GOAL OF THE EXERCISE:
Track down each line below containing the string "count" and copy it.

SOURCE INFORMATION:
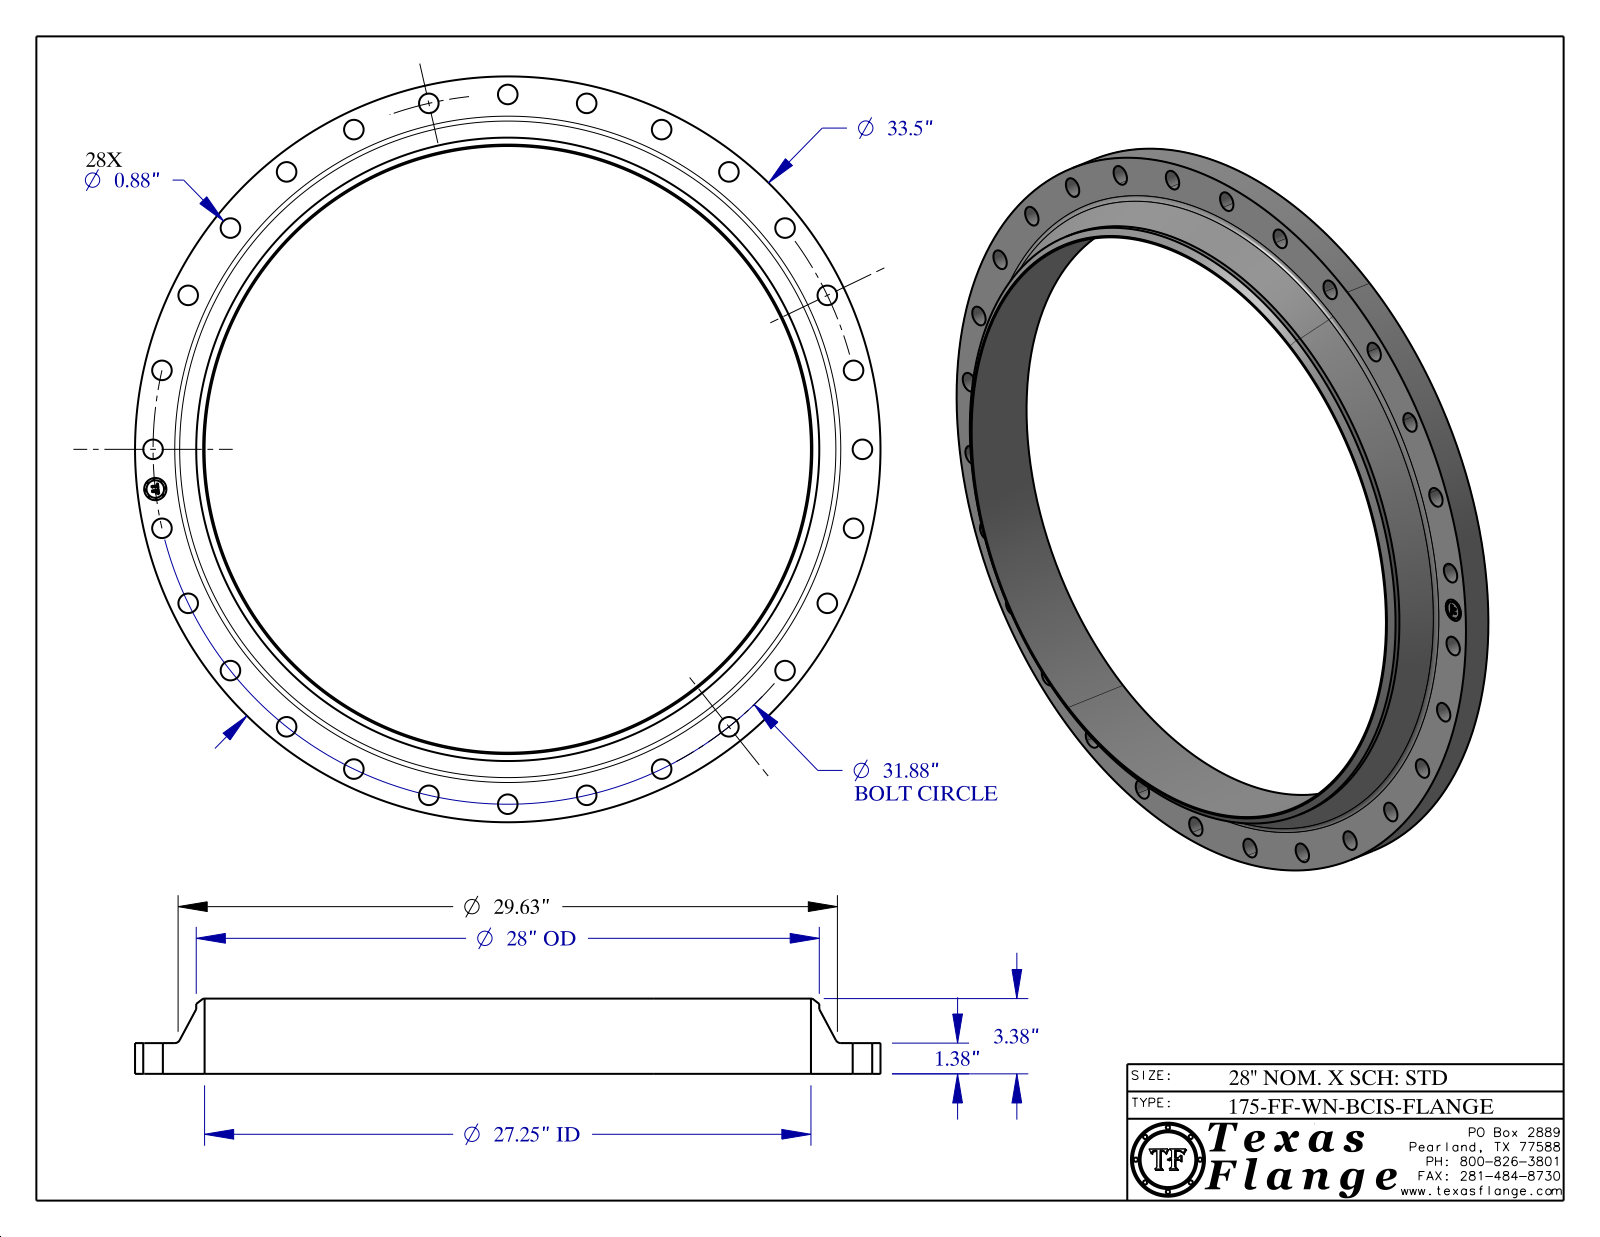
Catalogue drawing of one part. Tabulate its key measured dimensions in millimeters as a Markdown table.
| quantity | value |
| --- | --- |
| part name | 175-FF-WN, BCIS |
| STEP written by | CATIA V5 STEP AP214 (AUTOMOTIVE_DESIGN) |
| units | millimeters |
| bodies | 1 solid, 456 faces (368 planar, 82 cylindrical, 6 other) |
| overall size | 850.9 × 850.9 × 85.9 |
| volume | 8 290 000 mm³ |
| surface area | 781 900 mm² |
| round holes (diameter × count) | 22.4 × 28, 25.4 × 1, 692.2 × 1 |
| round bosses / shafts (diameter × count) | 1.5 × 8, 850.9 × 1, 711.2 × 1, 20 × 1 |
| main face-to-face distances | 35.1, 85.9, 50.8, 0.4, 34.7, 51.2, 7.6, 7.4, 1.4, 4.9 |
| hole center spacings | 764.3, 504.9, 633.1, 267.4, 351.3, 804.7, 90.7, 180.2 |

YOUR RESPONSE:
| round holes (diameter × count) | 22.4 × 28, 25.4 × 1, 692.2 × 1 |
| round bosses / shafts (diameter × count) | 1.5 × 8, 850.9 × 1, 711.2 × 1, 20 × 1 |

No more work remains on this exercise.